Boiling Heat Transfer and Bubble Distribution on Inhomogeneous Wetting Surface Patterned with Sierpinski Carpet

Abstract During the chips working, heat is mainly generated from its central area and shows a typical inhomogeneous distribution. To meet the chip’s cooling requirements, a novel Sierpinski hydrophobic/hydrophilic fractal pattern (SHFP) was designed and fabricated on copper surface in the present study. This fractal pattern can match with the real heat flux distribution and the bubble sizes distribution, fully utilizing the enhancement potential of hydrophobic spots, so it can well avoid the disadvantage of a sharp reduction in the CHF. The dynamic behavior of the bubbles on this SHFP surface was studied theoretically and experimentally.
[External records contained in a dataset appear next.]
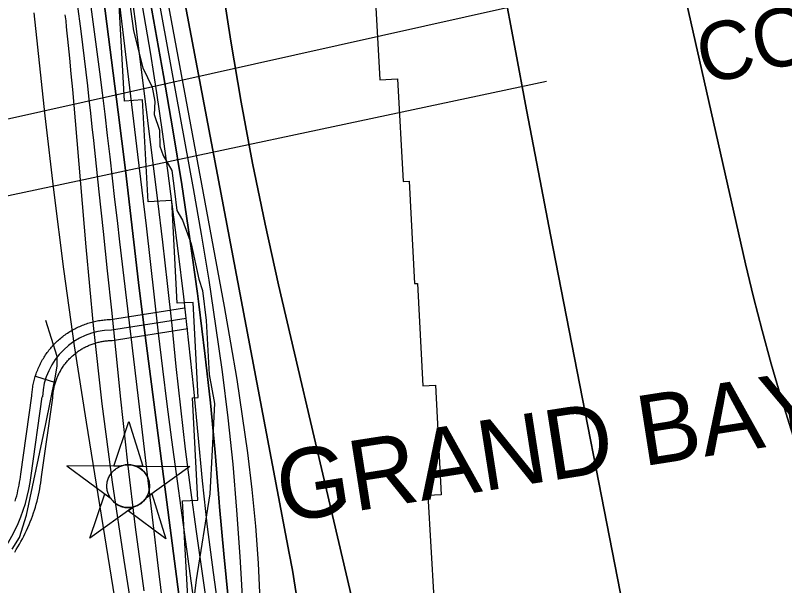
# Model space of a CAD drawing. Extents: x 3263578 to 3301413, y 764927 to 798602.
# Drawn here: x 3275974 to 3277071, y 790594 to 791406 of the extents above; entities that cross this region are included whole.
import ezdxf

# ---------------------------------------------------------------- set-up
doc = ezdxf.new("R2010")
doc.units = 0
for name, color, linetype in [('V-CHAN-NAID', 7, 'Continuous'), ('V-RIVR-EDGE', 7, 'Continuous'), ('V-RIVR-RANG', 7, 'Continuous'), ('V-ROAD-CNTR', 7, 'Continuous'), ('V-RRAP-RVMT', 7, 'Continuous'), ('V-TOPO-DPTH', 7, 'Continuous'), ('V-TOPO-MAJR', 7, 'Continuous'), ('V-TOPO-MINR', 7, 'Continuous'), ('V-TOPO-WATR', 7, 'Continuous'), ('V-UTIL-IDEN', 7, 'Continuous'), ('V-UTIL-LINE', 7, 'Continuous')]:
    doc.layers.add(name, color=color, linetype=linetype)

msp = doc.modelspace()

# ---------------------------------------------------------------- linework, layer by layer
at = {"layer": 'V-CHAN-NAID'}
for points in [[(3276124.2, 790763.7), (3276114.6, 790763.8), (3276135.8, 790827.3), (3276156, 790763.5), (3276146.4, 790763.5), (3276144.8, 790764.1), (3276142.7, 790764.7), (3276140.7, 790765.2), (3276138.6, 790765.5), (3276137.5, 790765.6), (3276135.9, 790765.7), (3276134.2, 790765.7), (3276132.9, 790765.6), (3276130.9, 790765.4), (3276129.6, 790765.2), (3276127.8, 790764.8), (3276126.3, 790764.4), (3276125.2, 790764.1)], [(3276124.2, 790763.7), (3276047.7, 790764.2), (3276109.3, 790718.8), (3276108.2, 790720.8), (3276107.4, 790722.4), (3276106.5, 790724.4), (3276105.8, 790726.4), (3276105.5, 790727.7), (3276105.1, 790729.4), (3276104.9, 790730.8), (3276104.7, 790732.4), (3276104.6, 790734.1), (3276104.6, 790735.7), (3276104.7, 790737.8), (3276104.9, 790739.4), (3276105.2, 790741.6), (3276105.7, 790743.5), (3276106.3, 790745.4), (3276107, 790747.1), (3276107.7, 790748.7), (3276108.5, 790750.2), (3276109.6, 790752), (3276110.6, 790753.4), (3276111.6, 790754.7), (3276112.6, 790755.8), (3276113.9, 790757.2), (3276115, 790758.1), (3276116.7, 790759.5), (3276117.9, 790760.4), (3276119.6, 790761.5), (3276121.3, 790762.4), (3276122.8, 790763.1)], [(3276146.4, 790763.5), (3276222.9, 790763), (3276160.7, 790718.5), (3276161.6, 790720), (3276162.6, 790721.8), (3276163.3, 790723.4), (3276164, 790725.4), (3276164.6, 790727.1), (3276165, 790728.8), (3276165.3, 790730.8), (3276165.5, 790732.4), (3276165.6, 790734.6), (3276165.6, 790736.6), (3276165.4, 790738.9), (3276165.2, 790740.6), (3276164.7, 790742.8), (3276164, 790745), (3276163.3, 790747), (3276162.6, 790748.4), (3276161.6, 790750.3), (3276160.6, 790752), (3276159.3, 790753.7), (3276158.1, 790755.3), (3276156.8, 790756.7), (3276155.2, 790758.2), (3276153.4, 790759.6), (3276151.8, 790760.8), (3276149.9, 790761.9), (3276148.4, 790762.7)], [(3276142.7, 790705.6), (3276080.4, 790661.1), (3276101.6, 790724.5), (3276109.3, 790718.8), (3276109.9, 790717.9), (3276111.3, 790716), (3276112.5, 790714.6), (3276114, 790713.1), (3276115.4, 790711.9), (3276116.8, 790710.7), (3276118.2, 790709.7), (3276119.9, 790708.7), (3276121.6, 790707.8), (3276123.4, 790707), (3276124.9, 790706.4), (3276126.5, 790705.9), (3276128.7, 790705.3), (3276130.2, 790705), (3276132.3, 790704.8), (3276133.8, 790704.7), (3276135.7, 790704.6), (3276137.4, 790704.7), (3276139.1, 790704.9), (3276141, 790705.2)], [(3276160.7, 790718.5), (3276168.5, 790724.1), (3276188.7, 790660.3), (3276134.9, 790700), (3276142.7, 790705.6), (3276144.3, 790706.1), (3276145.9, 790706.6), (3276148.1, 790707.5), (3276149.8, 790708.4), (3276151.7, 790709.5), (3276153.4, 790710.7), (3276155, 790712), (3276156.3, 790713.2), (3276157.6, 790714.6), (3276158.9, 790716), (3276160, 790717.4)]]:
    msp.add_lwpolyline(points, close=True, dxfattribs=at)
msp.add_circle((3276135.1, 790735.2), 30.5, dxfattribs=at)
at = {"layer": 'V-RIVR-EDGE'}
msp.add_lwpolyline([(3276126.7, 791497.5), (3276142.5, 791384.1), (3276155.9, 791331.4), (3276169.3, 791303.6), (3276173.1, 791283.1), (3276171.8, 791264.9), (3276179.6, 791242.3), (3276179.9, 791219.7), (3276184.7, 791206.2), (3276197.2, 791184.8), (3276201.1, 791155.3), (3276204.5, 791127.9), (3276212.3, 791114.4), (3276224.8, 791080.4), (3276235.5, 791030), (3276240.7, 791013.9), (3276246.3, 790971.3), (3276250.4, 790894.3), (3276258.1, 790853), (3276254.9, 790787), (3276251.3, 790724.4), (3276231.9, 790601.8), (3276226.5, 790558.4)], dxfattribs=at)
at = {"layer": 'V-RIVR-RANG'}
msp.add_line((3275889.9, 791133.7), (3276731.1, 791312.3), dxfattribs=at)
at = {"layer": 'V-ROAD-CNTR'}
msp.add_line((3276002.7, 790891.9), (3276031.2, 790882.8), dxfattribs=at)
for points in [[(3275977, 790725.3), (3275977.9, 790729.2), (3275978.7, 790733), (3275979.5, 790736.8), (3275980.2, 790740.7), (3275980.8, 790744.6), (3275981.3, 790748.4), (3275981.8, 790752.5), (3275997.6, 790864), (3275997.6, 790864), (3275997.8, 790866.1), (3275997.9, 790868), (3275998.1, 790870), (3275998.4, 790872), (3275998.6, 790874), (3275998.9, 790876), (3275999.3, 790878), (3275999.6, 790879.9), (3276000, 790881.9), (3276000.5, 790883.9), (3276001, 790885.8), (3276001.5, 790887.8), (3276002, 790889.7), (3276002.6, 790891.6), (3276003.2, 790893.6), (3276003.8, 790895.4), (3276004.5, 790897.3), (3276005.2, 790899.2), (3276006, 790901.1), (3276006.7, 790902.9), (3276007.6, 790904.8), (3276008.4, 790906.6), (3276009.3, 790908.4), (3276010.2, 790910.2), (3276011.1, 790912), (3276012.1, 790913.7), (3276013, 790915.5), (3276014.1, 790917.2), (3276015.1, 790919), (3276016.2, 790920.6), (3276017.3, 790922.3), (3276018.5, 790924), (3276019.6, 790925.6), (3276020.8, 790927.2), (3276022.1, 790928.8), (3276023.3, 790930.4), (3276024.6, 790931.9), (3276025.9, 790933.4), (3276027.2, 790934.9), (3276028.6, 790936.4), (3276030, 790937.9), (3276031.4, 790939.3), (3276032.9, 790940.7), (3276034.3, 790942.1), (3276035.8, 790943.4), (3276037.3, 790944.7), (3276038.8, 790946), (3276040.4, 790947.3), (3276042, 790948.6), (3276043.5, 790949.8), (3276045.2, 790951), (3276046.8, 790952.1), (3276048.5, 790953.3), (3276050.2, 790954.4), (3276051.9, 790955.5), (3276053.6, 790956.5), (3276055.3, 790957.5), (3276057.1, 790958.5), (3276058.8, 790959.4), (3276060.6, 790960.4), (3276062.4, 790961.2), (3276064.2, 790962.1), (3276066.1, 790962.9), (3276067.9, 790963.7), (3276069.8, 790964.5), (3276071.7, 790965.2), (3276073.5, 790965.9), (3276075.4, 790966.6), (3276077.3, 790967.2), (3276079.3, 790967.8), (3276081.2, 790968.4), (3276083.1, 790968.9), (3276085, 790969.4), (3276087, 790969.9), (3276089, 790970.3), (3276090.9, 790970.7), (3276092.9, 790971.1), (3276094.9, 790971.4), (3276096.9, 790971.7), (3276098.9, 790971.9), (3276100.8, 790972.1), (3276102.9, 790972.3), (3276104.9, 790972.5), (3276106.9, 790972.6), (3276108.9, 790972.7), (3276109.8, 790972.7), (3276215.5, 790989.3)], [(3275969.5, 790645.3), (3275979.9, 790662), (3275990.1, 790693.9), (3276017.7, 790823.8), (3276031, 790889.5), (3276034, 790906.3), (3276034, 790919.8), (3276017.8, 790971.3)], [(3276111.1, 790957.7), (3276217.8, 790974.5)], [(3276006.2, 790718.3), (3276007.2, 790722.6), (3276008.1, 790726.9), (3276009, 790731.3), (3276009.7, 790735.7), (3276010.4, 790740), (3276011.1, 790744.4), (3276011.6, 790748.6), (3276027.5, 790861.2), (3276027.6, 790862.4), (3276027.7, 790863.8), (3276027.8, 790865.3), (3276027.9, 790866.8), (3276028.1, 790868.3), (3276028.3, 790869.7), (3276028.5, 790871.2), (3276028.8, 790872.7), (3276029.1, 790874.2), (3276029.4, 790875.6), (3276029.7, 790877), (3276030.1, 790878.5), (3276030.4, 790879.9), (3276030.8, 790881.4), (3276031.2, 790882.8), (3276031.7, 790884.2), (3276032.2, 790885.6), (3276032.7, 790887), (3276033.2, 790888.4), (3276033.8, 790889.8), (3276034.3, 790891.1), (3276034.9, 790892.5), (3276035.5, 790893.8), (3276036.2, 790895.2), (3276036.8, 790896.5), (3276037.5, 790897.8), (3276038.3, 790899.1), (3276039, 790900.4), (3276039.7, 790901.7), (3276040.5, 790902.9), (3276041.3, 790904.2), (3276042.2, 790905.5), (3276043, 790906.6), (3276043.9, 790907.9), (3276044.8, 790909.1), (3276045.6, 790910.2), (3276046.6, 790911.4), (3276047.5, 790912.5), (3276048.5, 790913.7), (3276049.5, 790914.8), (3276050.5, 790915.9), (3276051.5, 790916.9), (3276052.6, 790918), (3276053.6, 790919), (3276054.7, 790920), (3276055.8, 790921.1), (3276056.9, 790922), (3276058.1, 790923), (3276059.2, 790923.9), (3276060.4, 790924.9), (3276061.6, 790925.8), (3276062.7, 790926.6), (3276063.9, 790927.5), (3276065.2, 790928.4), (3276066.4, 790929.2), (3276067.7, 790929.9), (3276068.9, 790930.7), (3276070.3, 790931.5), (3276071.5, 790932.2), (3276072.8, 790932.9), (3276074.1, 790933.6), (3276075.5, 790934.2), (3276076.8, 790934.9), (3276078.2, 790935.5), (3276079.6, 790936.1), (3276080.9, 790936.6), (3276082.3, 790937.2), (3276083.7, 790937.7), (3276085.1, 790938.2), (3276086.5, 790938.7), (3276087.9, 790939.1), (3276089.3, 790939.5), (3276090.8, 790939.9), (3276092.2, 790940.3), (3276093.6, 790940.6), (3276095.1, 790940.9), (3276096.6, 790941.2), (3276098.1, 790941.5), (3276099.5, 790941.7), (3276100.9, 790942), (3276102.4, 790942.1), (3276103.9, 790942.3), (3276105.4, 790942.4), (3276106.9, 790942.6), (3276108.4, 790942.6), (3276109.8, 790942.7), (3276112.4, 790942.8), (3276220.2, 790959.6)], [(3275996.7, 790750.6), (3276012.6, 790862.6)], [(3275973.9, 790714), (3275975, 790717.8), (3275976.1, 790721.6), (3275977, 790725.3)], [(3275973.2, 790641.1), (3275975.5, 790644.8), (3275977.8, 790648.6), (3275980, 790652.5), (3275982.2, 790656.3), (3275984.3, 790660.3), (3275986.3, 790664.2), (3275988.3, 790668.2), (3275990.2, 790672.2), (3275992, 790676.3), (3275993.7, 790680.4), (3275995.4, 790684.5), (3275997, 790688.6), (3275998.5, 790692.7), (3276000, 790697), (3276001.4, 790701.2), (3276002.7, 790705.4), (3276003.9, 790709.7), (3276005.1, 790713.9), (3276006.2, 790718.3)]]:
    msp.add_lwpolyline(points, dxfattribs=at)
for centre, radius, start, end in [((3276112.6, 790857.6), 100.1, 90.824, 177.135), ((3275759, 790778.3), 239.3, 314.4339, 353.3591)]:
    msp.add_arc(centre, radius, start, end, dxfattribs=at)
at = {"layer": 'V-RRAP-RVMT'}
for points in [[(3276485.7, 791460.2), (3276493.8, 791314.1), (3276518.9, 791315.5), (3276526.8, 791169.2), (3276535.6, 791169.6), (3276543.1, 791023.9), (3276547.4, 791024.1), (3276555.1, 790878.2), (3276572.9, 790879.1), (3276581, 790723.1), (3276562.3, 790722.1), (3276570.5, 790575.8), (3276566.1, 790575.6), (3276573.6, 790451.6), (3276574.6, 790451.7), (3276591.1, 790297.8), (3276581.9, 790296.8), (3276603.7, 790160.3), (3276589.3, 790158), (3276610.1, 790026.4), (3276618.1, 790027.7), (3276642.8, 789874.4), (3276641.3, 789874.1), (3276663.8, 789740.2)], [(3276363.8, 789681.5), (3276337.9, 789835.6), (3276341.7, 789836.2), (3276320.1, 789970), (3276307.6, 789968), (3276285.3, 790109.4), (3276284.4, 790109.2), (3276259.9, 790262.2), (3276251.5, 790261.2), (3276235.2, 790412.7), (3276223.5, 790412.1), (3276214, 790568.2), (3276220.4, 790568.6), (3276212.3, 790714.2), (3276234.3, 790715.3), (3276226.9, 790861.1), (3276234.9, 790861.6), (3276227.6, 790997), (3276204.6, 790995.8), (3276197, 791142), (3276163.4, 791140.2), (3276155.3, 791285.4), (3276129.9, 791283.9), (3276121.8, 791429.9)]]:
    msp.add_lwpolyline(points, dxfattribs=at)
at = {"layer": 'V-TOPO-DPTH'}
for points in [[(3276877.9, 791657.8), (3277015.2, 791052), (3277026.5, 791004.3), (3277038.6, 790956.8), (3277051.7, 790909.5), (3277065.5, 790862.5), (3277080.2, 790815.7), (3277095.5, 790769.1), (3277111.8, 790722.9), (3277128.6, 790676.8), (3277160.2, 790592.6), (3277170.8, 790562.6), (3277180.5, 790532.4), (3277188.8, 790501.8), (3277196.3, 790470.9), (3277222.7, 790351), (3277243.2, 790260.1), (3277264.4, 790169.3), (3277286.5, 790078.8), (3277309.3, 789988.4), (3277453.1, 789431.5)], [(3276877.9, 791657.8), (3277015.2, 791052), (3277026.5, 791004.3), (3277038.6, 790956.8), (3277051.7, 790909.5), (3277065.5, 790862.5), (3277080.2, 790815.7), (3277095.5, 790769.1), (3277111.8, 790722.9), (3277128.6, 790676.8), (3277160.2, 790592.6), (3277170.8, 790562.6), (3277180.5, 790532.4), (3277188.8, 790501.8), (3277196.3, 790470.9), (3277222.7, 790351), (3277243.2, 790260.1), (3277264.4, 790169.3), (3277286.5, 790078.8), (3277309.3, 789988.4), (3277453.1, 789431.5)], [(3276509.8, 789777.1), (3276505.2, 789809.9), (3276501.8, 789842.9), (3276499.2, 789875.9), (3276497.5, 789906.9), (3276496.6, 789924.6), (3276496, 789942.2), (3276418.7, 790298.4), (3276414.4, 790315.6), (3276410.6, 790332.9), (3276407.4, 790350.3), (3276404.6, 790367.8), (3276394.1, 790445.6), (3276390.7, 790469.9), (3276387.4, 790494.2), (3276384, 790518.5), (3276380.6, 790542.8), (3276377, 790567.1), (3276373.2, 790591.4), (3276369.1, 790615.5), (3276364.7, 790639.7), (3276199.1, 791512.6)], [(3276509.8, 789777.1), (3276505.2, 789809.9), (3276501.8, 789842.9), (3276499.2, 789875.9), (3276497.5, 789906.9), (3276496.6, 789924.6), (3276496, 789942.2), (3276418.7, 790298.4), (3276414.4, 790315.6), (3276410.6, 790332.9), (3276407.4, 790350.3), (3276404.6, 790367.8), (3276394.1, 790445.6), (3276390.7, 790469.9), (3276387.4, 790494.2), (3276384, 790518.5), (3276380.6, 790542.8), (3276377, 790567.1), (3276373.2, 790591.4), (3276369.1, 790615.5), (3276364.7, 790639.7), (3276199.1, 791512.6)], [(3276180.6, 791483.4), (3276271.8, 790991.2), (3276281, 790939.3), (3276289.7, 790887.2), (3276297.7, 790835.1), (3276305.2, 790782.9), (3276311.4, 790730.5), (3276316.7, 790678), (3276320.3, 790625.5), (3276322.9, 790572.8), (3276328.4, 790412.7), (3276329.3, 790395.3), (3276330.7, 790377.8), (3276332.8, 790360.5), (3276335.3, 790343.1), (3276339.7, 790316.1), (3276340.4, 790312.3), (3276341.1, 790308.6), (3276341.9, 790304.8), (3276342.7, 790301.1), (3276432.5, 789905.5), (3276450.9, 789820.7), (3276468.4, 789735.7)], [(3276180.6, 791483.4), (3276271.8, 790991.2), (3276281, 790939.3), (3276289.7, 790887.2), (3276297.7, 790835.1), (3276305.2, 790782.9), (3276311.4, 790730.5), (3276316.7, 790678), (3276320.3, 790625.5), (3276322.9, 790572.8), (3276328.4, 790412.7), (3276329.3, 790395.3), (3276330.7, 790377.8), (3276332.8, 790360.5), (3276335.3, 790343.1), (3276339.7, 790316.1), (3276340.4, 790312.3), (3276341.1, 790308.6), (3276341.9, 790304.8), (3276342.7, 790301.1), (3276432.5, 789905.5), (3276450.9, 789820.7), (3276468.4, 789735.7)], [(3276263.1, 791486.1), (3276281.5, 791369.4), (3276296.2, 791282.2), (3276312.2, 791195.2), (3276330.2, 791108.6), (3276349.4, 791022.2), (3276496.8, 790393.4), (3276501.1, 790375.8), (3276505.8, 790358.2), (3276510.8, 790340.7), (3276516.2, 790323.3), (3276667.7, 789275), (3276666.8, 789262.8), (3276668.7, 789249.3), (3276671, 789235.9), (3276673.8, 789222.6), (3276677, 789209.3), (3276697.6, 789130.3), (3276699.7, 789123), (3276702.1, 789115.7), (3276704.9, 789108.6), (3276708, 789101.5), (3277018.3, 788026.6)], [(3277018.3, 788026.6), (3276708, 789101.5), (3276704.9, 789108.6), (3276702.1, 789115.7), (3276699.7, 789123), (3276697.6, 789130.3), (3276677, 789209.3), (3276673.8, 789222.6), (3276671, 789235.9), (3276668.7, 789249.3), (3276666.8, 789262.8), (3276667.7, 789275), (3276516.2, 790323.3), (3276510.8, 790340.7), (3276505.8, 790358.2), (3276501.1, 790375.8), (3276496.8, 790393.4), (3276349.4, 791022.2), (3276330.2, 791108.6), (3276312.2, 791195.2), (3276296.2, 791282.2), (3276281.5, 791369.4), (3276263.1, 791486.1)], [(3276278.2, 790571.4), (3276271.3, 790638.6), (3276265.4, 790705.9), (3276264.9, 790712.5), (3276259, 790783.2), (3276252.2, 790853.8), (3276244.4, 790924.3), (3276235.7, 790994.7), (3276233.7, 791009.7), (3276223, 791087.5), (3276211.4, 791165.2), (3276198.8, 791242.7), (3276185.5, 791320.1), (3276161.5, 791453.7)], [(3276278.2, 790571.4), (3276271.3, 790638.6), (3276265.4, 790705.9), (3276264.9, 790712.5), (3276259, 790783.2), (3276252.2, 790853.8), (3276244.4, 790924.3), (3276235.7, 790994.7), (3276233.7, 791009.7), (3276223, 791087.5), (3276211.4, 791165.2), (3276198.8, 791242.7), (3276185.5, 791320.1), (3276161.5, 791453.7)], [(3277007.7, 789277.1), (3276935.5, 789903.1), (3276939, 789911.3), (3276917.3, 790125.8), (3276913.9, 790153.3), (3276910.3, 790180.8), (3276906.2, 790208.2), (3276901.8, 790235.6), (3276897, 790262.9), (3276892.2, 790290.3), (3276887.3, 790317.5), (3276882.2, 790344.8), (3276867.5, 790422.5), (3276864.5, 790438.7), (3276861.4, 790454.8), (3276858.3, 790471), (3276855.1, 790487.1), (3276737, 791093.5), (3276719.8, 791182.5), (3276702.8, 791271.5), (3276686.2, 791360.5), (3276669.7, 791449.6)], [(3276669.7, 791449.6), (3276686.2, 791360.5), (3276702.8, 791271.5), (3276719.8, 791182.5), (3276737, 791093.5), (3276855.1, 790487.1), (3276858.3, 790471), (3276861.4, 790454.8), (3276864.5, 790438.7), (3276867.5, 790422.5), (3276882.2, 790344.8), (3276887.3, 790317.5), (3276892.2, 790290.3), (3276897, 790262.9), (3276901.8, 790235.6), (3276906.2, 790208.2), (3276910.3, 790180.8), (3276913.9, 790153.3), (3276917.3, 790125.8), (3276939, 789911.3), (3276935.5, 789903.1), (3277007.7, 789277.1)], [(3276230.4, 790401.9), (3276160.5, 790938.8), (3276155.3, 790979.9), (3276150.2, 791021), (3276145.3, 791062.2), (3276140.6, 791103.3), (3276135.9, 791144.5), (3276131, 791185.6), (3276126, 791226.7), (3276120.8, 791267.9), (3276099.9, 791431.5)], [(3276142, 791418.1), (3276145.3, 791394.5), (3276148.4, 791370.8), (3276176.8, 791141.5), (3276183.8, 791082.6), (3276190.6, 791023.8), (3276197, 790964.8), (3276203.1, 790905.9), (3276209.4, 790847), (3276216.2, 790788.1), (3276223.8, 790729.3), (3276231.8, 790670.6), (3276276.1, 790361.4)], [(3276142, 791418.1), (3276145.3, 791394.5), (3276148.4, 791370.8), (3276176.8, 791141.5), (3276183.8, 791082.6), (3276190.6, 791023.8), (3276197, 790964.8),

The results show that small bubbles nucleated, grew and merged with neighboring bubbles at the preset high-order hydrophobic spots and their distribution presents typical fractal characteristics. Then small bubbles started moving from the high-order hydrophobic region to central low-order region spontaneously and a large bubble was finally formed and departed rapidly in the central first-order hydrophobic region after bubbles coalesced. Through observation and analysis, we found that the nucleation sites of the bubbles and their movement and merging can be designed and planned in advance on the well-designed SHFP surface, so the distribution of the bubbles can precisely match the actual distribution of heat flux. The comparison shows that the well-designed SHFP surface presented a low wall superheat at ONB and the heat transfer coefficient was even better than the mono-hydrophobic surface after the secondary pool boiling enhancement. The critical heat flux also reached the same level (i.e., about 95%) of nable spatial distribution, which is greatly superior to the surface with regular hydrophobic spots. Therefore, the SHFP surface designed in this study is a very suitable surface for utilizing the distribution of hydrophobic spots to enhance boiling heat transfer.